Maria e Joana, ativistas de direitos humanos, travaram intenso debate a respeito da forma de coexistência dos direitos fundamentais e destes com certas medidas de interesse coletivo. Maria defende que, de acordo com a teoria interna, os pontos de tensão entre direitos devem ser superados no processo de interpretação, estando lastreada na dicotomia entre direito e restrição, que direciona a atuação do intérprete. Joana, por sua vez, entende que a teoria externa está lastreada na concepção de limite imanente, a qual direciona a resolução dos conflitos entre direitos fundamentais, sendo comum o uso da técnica da ponderação de interesses. À luz dessa narrativa, é correto afirmar que:
- A)Maria e Joana estão completamente certas, já que suas explicações retratam, com exatidão, as teorias a que se referem;
Errada, porque as explicações de Maria e Joana estão invertidas em relação às teorias interna e externa.
- B)Maria e Joana estão completamente erradas, já que suas explicações retratam, respectivamente, a teoria externa e a teoria interna;
Errada, porque não é verdade que as duas tenham descrito exatamente a teoria oposta sem qualquer acerto parcial.
- C)somente Maria está parcialmente errada, pois os pontos de tensão entre direitos, de acordo com a teoria interna, são resolvidos com o uso da técnica da ponderação;
Errada, porque a ponderação é mais associada à teoria externa, e não ao modo como a teoria interna resolve tensões.

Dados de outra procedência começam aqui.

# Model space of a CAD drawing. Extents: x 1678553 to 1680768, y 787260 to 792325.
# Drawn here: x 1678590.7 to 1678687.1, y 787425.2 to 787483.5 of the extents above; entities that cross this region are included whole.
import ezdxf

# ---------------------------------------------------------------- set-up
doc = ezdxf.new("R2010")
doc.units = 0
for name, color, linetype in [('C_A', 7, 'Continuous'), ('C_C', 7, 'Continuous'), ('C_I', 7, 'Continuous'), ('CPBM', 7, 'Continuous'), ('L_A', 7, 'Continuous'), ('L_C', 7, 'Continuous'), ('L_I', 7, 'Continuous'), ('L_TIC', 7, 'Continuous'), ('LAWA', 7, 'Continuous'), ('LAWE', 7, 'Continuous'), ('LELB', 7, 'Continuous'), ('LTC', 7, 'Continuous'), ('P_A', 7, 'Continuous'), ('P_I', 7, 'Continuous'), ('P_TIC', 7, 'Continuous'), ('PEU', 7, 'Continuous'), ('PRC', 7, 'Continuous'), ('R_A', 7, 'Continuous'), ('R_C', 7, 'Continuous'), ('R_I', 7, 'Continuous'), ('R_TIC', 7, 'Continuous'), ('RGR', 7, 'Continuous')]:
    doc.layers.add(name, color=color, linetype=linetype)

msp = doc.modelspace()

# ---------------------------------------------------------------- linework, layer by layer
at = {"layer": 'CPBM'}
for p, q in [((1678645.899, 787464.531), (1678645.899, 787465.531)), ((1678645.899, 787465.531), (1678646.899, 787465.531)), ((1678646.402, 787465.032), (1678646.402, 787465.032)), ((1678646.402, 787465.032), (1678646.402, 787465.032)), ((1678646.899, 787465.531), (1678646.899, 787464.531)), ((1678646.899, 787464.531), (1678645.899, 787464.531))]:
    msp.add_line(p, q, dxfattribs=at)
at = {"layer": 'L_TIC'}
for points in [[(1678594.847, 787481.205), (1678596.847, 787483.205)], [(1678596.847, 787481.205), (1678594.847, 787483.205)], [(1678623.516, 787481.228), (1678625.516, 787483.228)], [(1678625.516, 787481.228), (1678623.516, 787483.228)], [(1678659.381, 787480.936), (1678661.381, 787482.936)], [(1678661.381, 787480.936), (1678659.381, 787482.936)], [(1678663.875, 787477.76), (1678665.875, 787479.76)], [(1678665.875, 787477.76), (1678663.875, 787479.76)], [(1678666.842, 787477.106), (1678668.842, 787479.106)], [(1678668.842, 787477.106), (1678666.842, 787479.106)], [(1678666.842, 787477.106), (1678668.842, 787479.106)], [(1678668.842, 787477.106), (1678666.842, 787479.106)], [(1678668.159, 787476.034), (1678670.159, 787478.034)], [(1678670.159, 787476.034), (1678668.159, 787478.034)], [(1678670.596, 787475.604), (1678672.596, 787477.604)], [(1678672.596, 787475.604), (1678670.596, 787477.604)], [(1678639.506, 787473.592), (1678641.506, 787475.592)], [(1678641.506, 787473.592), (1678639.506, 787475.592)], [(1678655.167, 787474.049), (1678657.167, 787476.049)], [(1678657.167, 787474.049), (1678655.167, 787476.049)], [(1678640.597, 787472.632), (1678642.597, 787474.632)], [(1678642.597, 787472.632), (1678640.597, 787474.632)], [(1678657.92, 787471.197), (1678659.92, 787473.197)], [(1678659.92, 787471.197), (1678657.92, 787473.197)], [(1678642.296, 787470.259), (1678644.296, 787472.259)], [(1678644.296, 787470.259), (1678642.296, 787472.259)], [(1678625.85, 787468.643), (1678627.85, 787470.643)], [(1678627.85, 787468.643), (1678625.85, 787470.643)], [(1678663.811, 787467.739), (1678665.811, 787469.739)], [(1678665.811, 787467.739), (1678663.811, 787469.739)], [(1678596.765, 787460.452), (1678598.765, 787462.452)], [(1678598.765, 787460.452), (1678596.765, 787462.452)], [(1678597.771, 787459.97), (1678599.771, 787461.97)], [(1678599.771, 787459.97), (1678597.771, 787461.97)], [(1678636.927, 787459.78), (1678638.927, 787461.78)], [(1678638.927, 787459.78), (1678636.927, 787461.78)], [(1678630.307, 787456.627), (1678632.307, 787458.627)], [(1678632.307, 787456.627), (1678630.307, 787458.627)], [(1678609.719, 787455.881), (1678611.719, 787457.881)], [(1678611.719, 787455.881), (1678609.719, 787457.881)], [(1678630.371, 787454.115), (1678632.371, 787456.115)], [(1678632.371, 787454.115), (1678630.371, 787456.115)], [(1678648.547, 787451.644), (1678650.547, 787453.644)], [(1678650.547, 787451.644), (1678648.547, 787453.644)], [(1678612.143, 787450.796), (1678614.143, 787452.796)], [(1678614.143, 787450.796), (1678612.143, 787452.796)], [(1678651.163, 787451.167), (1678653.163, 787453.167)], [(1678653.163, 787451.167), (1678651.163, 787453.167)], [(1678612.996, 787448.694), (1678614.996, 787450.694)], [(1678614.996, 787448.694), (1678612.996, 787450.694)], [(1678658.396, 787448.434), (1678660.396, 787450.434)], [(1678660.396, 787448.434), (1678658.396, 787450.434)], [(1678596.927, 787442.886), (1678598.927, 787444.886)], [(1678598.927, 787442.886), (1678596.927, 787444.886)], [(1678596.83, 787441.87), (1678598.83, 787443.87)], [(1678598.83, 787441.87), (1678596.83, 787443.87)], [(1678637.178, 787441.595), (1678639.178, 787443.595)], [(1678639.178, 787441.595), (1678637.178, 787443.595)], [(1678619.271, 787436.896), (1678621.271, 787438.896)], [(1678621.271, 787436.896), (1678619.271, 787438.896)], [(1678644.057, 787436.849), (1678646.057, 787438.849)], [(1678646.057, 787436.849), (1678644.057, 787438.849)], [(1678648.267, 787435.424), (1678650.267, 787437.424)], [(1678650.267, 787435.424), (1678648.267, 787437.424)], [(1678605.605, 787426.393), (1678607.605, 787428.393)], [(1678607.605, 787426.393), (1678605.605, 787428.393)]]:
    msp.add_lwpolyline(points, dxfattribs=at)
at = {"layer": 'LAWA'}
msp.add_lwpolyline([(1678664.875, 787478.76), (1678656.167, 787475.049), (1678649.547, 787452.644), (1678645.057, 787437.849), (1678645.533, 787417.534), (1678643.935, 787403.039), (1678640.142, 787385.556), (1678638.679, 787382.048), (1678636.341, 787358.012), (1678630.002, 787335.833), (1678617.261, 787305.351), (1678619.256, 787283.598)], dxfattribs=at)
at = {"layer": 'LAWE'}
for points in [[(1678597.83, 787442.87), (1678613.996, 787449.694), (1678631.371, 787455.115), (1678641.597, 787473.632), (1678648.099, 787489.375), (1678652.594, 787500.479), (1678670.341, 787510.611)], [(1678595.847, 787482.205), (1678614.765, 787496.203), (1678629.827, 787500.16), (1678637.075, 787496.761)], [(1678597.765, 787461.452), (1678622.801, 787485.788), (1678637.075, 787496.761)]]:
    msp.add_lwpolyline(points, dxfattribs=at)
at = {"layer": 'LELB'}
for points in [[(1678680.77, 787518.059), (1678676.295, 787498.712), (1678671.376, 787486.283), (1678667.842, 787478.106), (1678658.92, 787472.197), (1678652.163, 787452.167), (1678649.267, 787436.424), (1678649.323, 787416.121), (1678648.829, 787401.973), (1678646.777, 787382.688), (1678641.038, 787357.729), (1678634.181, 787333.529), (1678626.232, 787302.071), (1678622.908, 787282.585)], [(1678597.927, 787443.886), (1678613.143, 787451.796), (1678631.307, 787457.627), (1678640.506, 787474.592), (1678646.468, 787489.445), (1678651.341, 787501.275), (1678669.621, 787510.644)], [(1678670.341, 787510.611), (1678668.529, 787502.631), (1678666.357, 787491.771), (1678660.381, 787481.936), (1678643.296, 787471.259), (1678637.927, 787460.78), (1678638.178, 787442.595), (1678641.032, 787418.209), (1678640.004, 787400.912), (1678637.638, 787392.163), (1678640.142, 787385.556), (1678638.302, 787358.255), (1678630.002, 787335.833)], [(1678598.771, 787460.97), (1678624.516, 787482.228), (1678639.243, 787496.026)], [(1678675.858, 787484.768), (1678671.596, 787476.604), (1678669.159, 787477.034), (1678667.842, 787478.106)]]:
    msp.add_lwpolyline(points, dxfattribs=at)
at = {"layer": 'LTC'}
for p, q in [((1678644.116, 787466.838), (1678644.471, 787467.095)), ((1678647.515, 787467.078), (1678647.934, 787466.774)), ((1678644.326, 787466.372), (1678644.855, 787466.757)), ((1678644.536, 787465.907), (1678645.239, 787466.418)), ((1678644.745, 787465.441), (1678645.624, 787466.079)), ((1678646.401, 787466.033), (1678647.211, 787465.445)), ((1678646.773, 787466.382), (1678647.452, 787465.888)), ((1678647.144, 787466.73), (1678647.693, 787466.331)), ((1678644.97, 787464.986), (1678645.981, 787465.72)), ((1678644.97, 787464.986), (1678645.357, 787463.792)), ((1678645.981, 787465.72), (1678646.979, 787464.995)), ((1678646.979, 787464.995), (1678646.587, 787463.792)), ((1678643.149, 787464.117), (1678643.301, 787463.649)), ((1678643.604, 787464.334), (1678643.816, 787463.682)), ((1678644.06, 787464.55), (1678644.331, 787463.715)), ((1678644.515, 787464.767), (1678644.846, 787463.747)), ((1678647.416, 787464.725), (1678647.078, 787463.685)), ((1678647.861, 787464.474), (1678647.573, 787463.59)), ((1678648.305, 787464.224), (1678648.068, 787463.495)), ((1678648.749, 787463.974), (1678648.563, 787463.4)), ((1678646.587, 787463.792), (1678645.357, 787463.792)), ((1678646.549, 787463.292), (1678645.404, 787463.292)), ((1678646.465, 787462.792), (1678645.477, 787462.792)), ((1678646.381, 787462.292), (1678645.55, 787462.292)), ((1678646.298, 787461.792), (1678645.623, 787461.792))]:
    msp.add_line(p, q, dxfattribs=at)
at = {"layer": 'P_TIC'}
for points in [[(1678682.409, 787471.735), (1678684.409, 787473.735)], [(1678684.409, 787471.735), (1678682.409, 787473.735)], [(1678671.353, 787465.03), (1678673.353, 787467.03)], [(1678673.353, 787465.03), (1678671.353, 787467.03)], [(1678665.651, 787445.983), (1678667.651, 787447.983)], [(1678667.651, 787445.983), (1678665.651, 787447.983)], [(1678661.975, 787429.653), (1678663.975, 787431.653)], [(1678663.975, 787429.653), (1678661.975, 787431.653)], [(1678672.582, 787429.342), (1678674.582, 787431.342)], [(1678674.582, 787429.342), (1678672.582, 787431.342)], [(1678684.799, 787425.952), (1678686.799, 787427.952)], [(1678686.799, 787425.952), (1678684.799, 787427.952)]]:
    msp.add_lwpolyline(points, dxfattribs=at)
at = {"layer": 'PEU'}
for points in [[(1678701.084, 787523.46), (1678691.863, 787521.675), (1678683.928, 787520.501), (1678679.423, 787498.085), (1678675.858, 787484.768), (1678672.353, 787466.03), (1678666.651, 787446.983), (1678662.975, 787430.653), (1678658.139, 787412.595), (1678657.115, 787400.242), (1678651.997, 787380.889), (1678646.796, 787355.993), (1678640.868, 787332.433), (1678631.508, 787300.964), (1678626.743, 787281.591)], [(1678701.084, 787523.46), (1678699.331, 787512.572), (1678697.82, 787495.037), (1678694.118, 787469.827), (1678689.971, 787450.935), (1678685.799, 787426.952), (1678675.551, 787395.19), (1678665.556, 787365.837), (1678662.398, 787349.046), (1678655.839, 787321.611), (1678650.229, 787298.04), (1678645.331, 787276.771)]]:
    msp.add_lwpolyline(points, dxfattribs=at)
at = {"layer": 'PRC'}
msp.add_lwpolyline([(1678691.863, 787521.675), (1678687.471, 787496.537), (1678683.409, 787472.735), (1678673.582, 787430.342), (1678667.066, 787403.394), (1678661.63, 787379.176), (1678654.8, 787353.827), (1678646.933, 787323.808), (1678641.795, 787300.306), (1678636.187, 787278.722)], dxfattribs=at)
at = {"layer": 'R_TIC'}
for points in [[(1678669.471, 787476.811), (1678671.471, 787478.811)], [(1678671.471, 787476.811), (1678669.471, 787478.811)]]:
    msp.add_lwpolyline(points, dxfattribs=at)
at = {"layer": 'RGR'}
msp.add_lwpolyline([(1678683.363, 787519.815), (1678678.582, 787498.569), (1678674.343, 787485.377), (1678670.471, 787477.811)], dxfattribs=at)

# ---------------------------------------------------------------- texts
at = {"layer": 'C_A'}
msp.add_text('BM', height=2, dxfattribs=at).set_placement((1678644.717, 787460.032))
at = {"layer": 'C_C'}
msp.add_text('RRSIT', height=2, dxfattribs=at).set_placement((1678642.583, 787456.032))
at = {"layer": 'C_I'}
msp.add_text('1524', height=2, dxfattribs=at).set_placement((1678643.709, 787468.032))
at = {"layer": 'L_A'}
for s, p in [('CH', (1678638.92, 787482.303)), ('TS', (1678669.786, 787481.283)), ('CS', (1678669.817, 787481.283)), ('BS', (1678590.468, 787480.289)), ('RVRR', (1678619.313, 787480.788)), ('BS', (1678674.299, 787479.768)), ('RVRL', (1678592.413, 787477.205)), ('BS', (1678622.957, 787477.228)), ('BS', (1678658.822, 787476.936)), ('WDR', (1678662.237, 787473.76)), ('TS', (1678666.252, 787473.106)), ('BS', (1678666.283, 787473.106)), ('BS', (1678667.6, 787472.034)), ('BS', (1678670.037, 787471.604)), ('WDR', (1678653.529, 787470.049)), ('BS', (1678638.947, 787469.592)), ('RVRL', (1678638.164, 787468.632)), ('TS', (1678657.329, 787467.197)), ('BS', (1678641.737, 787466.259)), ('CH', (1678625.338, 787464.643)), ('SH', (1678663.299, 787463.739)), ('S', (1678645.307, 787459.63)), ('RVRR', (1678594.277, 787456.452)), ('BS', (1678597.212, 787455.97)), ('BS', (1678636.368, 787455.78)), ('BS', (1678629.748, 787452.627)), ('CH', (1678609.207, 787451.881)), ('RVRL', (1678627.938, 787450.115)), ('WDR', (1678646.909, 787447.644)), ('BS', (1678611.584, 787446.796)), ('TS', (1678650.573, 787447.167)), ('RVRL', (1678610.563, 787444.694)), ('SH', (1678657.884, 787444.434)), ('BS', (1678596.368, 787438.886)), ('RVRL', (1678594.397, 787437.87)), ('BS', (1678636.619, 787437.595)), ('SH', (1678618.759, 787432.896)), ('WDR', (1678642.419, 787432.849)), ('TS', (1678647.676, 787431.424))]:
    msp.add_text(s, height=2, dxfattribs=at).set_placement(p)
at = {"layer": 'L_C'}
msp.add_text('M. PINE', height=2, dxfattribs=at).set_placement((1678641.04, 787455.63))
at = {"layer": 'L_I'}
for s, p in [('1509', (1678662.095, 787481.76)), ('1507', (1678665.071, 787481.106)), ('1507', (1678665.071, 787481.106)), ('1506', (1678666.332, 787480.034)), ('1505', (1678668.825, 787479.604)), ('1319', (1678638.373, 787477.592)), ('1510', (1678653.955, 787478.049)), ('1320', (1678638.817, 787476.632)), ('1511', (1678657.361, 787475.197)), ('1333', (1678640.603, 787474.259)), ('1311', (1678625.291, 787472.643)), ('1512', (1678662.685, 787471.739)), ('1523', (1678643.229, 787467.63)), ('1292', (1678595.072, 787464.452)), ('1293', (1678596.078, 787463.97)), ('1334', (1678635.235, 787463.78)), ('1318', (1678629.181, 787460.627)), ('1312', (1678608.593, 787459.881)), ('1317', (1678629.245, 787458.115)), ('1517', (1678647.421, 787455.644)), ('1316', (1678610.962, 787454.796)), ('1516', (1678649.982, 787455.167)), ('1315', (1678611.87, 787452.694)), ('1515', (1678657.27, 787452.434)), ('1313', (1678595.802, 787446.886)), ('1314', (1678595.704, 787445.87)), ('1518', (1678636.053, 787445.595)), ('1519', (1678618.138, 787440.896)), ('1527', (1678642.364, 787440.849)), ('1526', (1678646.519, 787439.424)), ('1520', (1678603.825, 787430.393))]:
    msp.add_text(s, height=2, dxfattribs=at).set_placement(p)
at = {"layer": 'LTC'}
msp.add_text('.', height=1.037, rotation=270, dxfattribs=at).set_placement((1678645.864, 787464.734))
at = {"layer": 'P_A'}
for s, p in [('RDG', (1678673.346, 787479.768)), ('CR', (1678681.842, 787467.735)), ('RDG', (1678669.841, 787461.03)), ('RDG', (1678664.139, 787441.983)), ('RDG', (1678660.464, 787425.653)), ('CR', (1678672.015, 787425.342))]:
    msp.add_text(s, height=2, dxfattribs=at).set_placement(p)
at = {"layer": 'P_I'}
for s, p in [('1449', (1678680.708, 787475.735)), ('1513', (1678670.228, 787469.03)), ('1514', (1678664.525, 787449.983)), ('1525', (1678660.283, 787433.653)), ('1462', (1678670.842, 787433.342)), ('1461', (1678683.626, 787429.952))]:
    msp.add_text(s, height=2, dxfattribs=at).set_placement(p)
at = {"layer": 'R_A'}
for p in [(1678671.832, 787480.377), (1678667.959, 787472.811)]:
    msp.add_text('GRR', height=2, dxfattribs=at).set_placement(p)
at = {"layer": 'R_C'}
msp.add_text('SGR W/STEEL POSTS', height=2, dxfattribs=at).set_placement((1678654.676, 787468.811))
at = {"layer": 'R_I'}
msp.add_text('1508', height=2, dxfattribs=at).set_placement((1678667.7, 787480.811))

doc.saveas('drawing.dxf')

- D)somente Joana está parcialmente errada, pois a técnica da ponderação, embora utilizada na resolução dos conflitos, não se ajusta aos alicerces estruturais da teoria externa;
Errada, porque a crítica à Joana não é essa: o problema central é que ela atribuiu à teoria externa a ideia de limite imanente.
- E)Maria e Joana estão parcialmente erradas, pois a teoria interna se afasta da dicotomia entre direito e restrição, e a externa não se baseia na concepção de limite imanente.
Certa, porque a teoria interna não se baseia na dicotomia direito/restrição, e a teoria externa não se fundamenta em limite imanente.
Gabarito: E
Na teoria interna, o direito fundamental já nasce com seus contornos definidos: o intérprete descobre o alcance do direito, sem trabalhar com a ideia de que existe, primeiro, um direito completo e depois uma restrição externa. Por isso, ela se afasta da clássica dicotomia entre direito e restrição. Em linguagem simples: não é "tenho o direito e depois alguém corta um pedaço"; é "o direito já vem desenhado com seus limites". Já a teoria externa parte da ideia de que existe um direito prima facie, isto é, inicialmente amplo, e que depois podem surgir restrições externas para compatibilizá-lo com outros direitos ou interesses constitucionais. Nessa lógica, a técnica da ponderação costuma aparecer com frequência, especialmente quando há colisão entre princípios. É o mundo do "vamos equilibrar os pratos da balança". Por isso, o enunciado da Maria e o da Joana trocam os conceitos. Maria atribuiu à teoria interna a lógica da dicotomia direito/restrição, que é típica da teoria externa. Joana, por sua vez, associou a teoria externa ao limite imanente, mas essa ideia pertence à teoria interna. A banca quer exatamente essa inversão conceitual. Então, o gabarito é a letra E, porque ambas as explicações estão parcialmente erradas: a teoria interna se afasta da dicotomia entre direito e restrição, e a teoria externa não se funda na noção de limite imanente. Na doutrina constitucional, essa distinção é clássica e aparece, por exemplo, em autores que tratam da estrutura dos direitos fundamentais e da colisão entre eles, com destaque para a ponderação como técnica típica da teoria externa.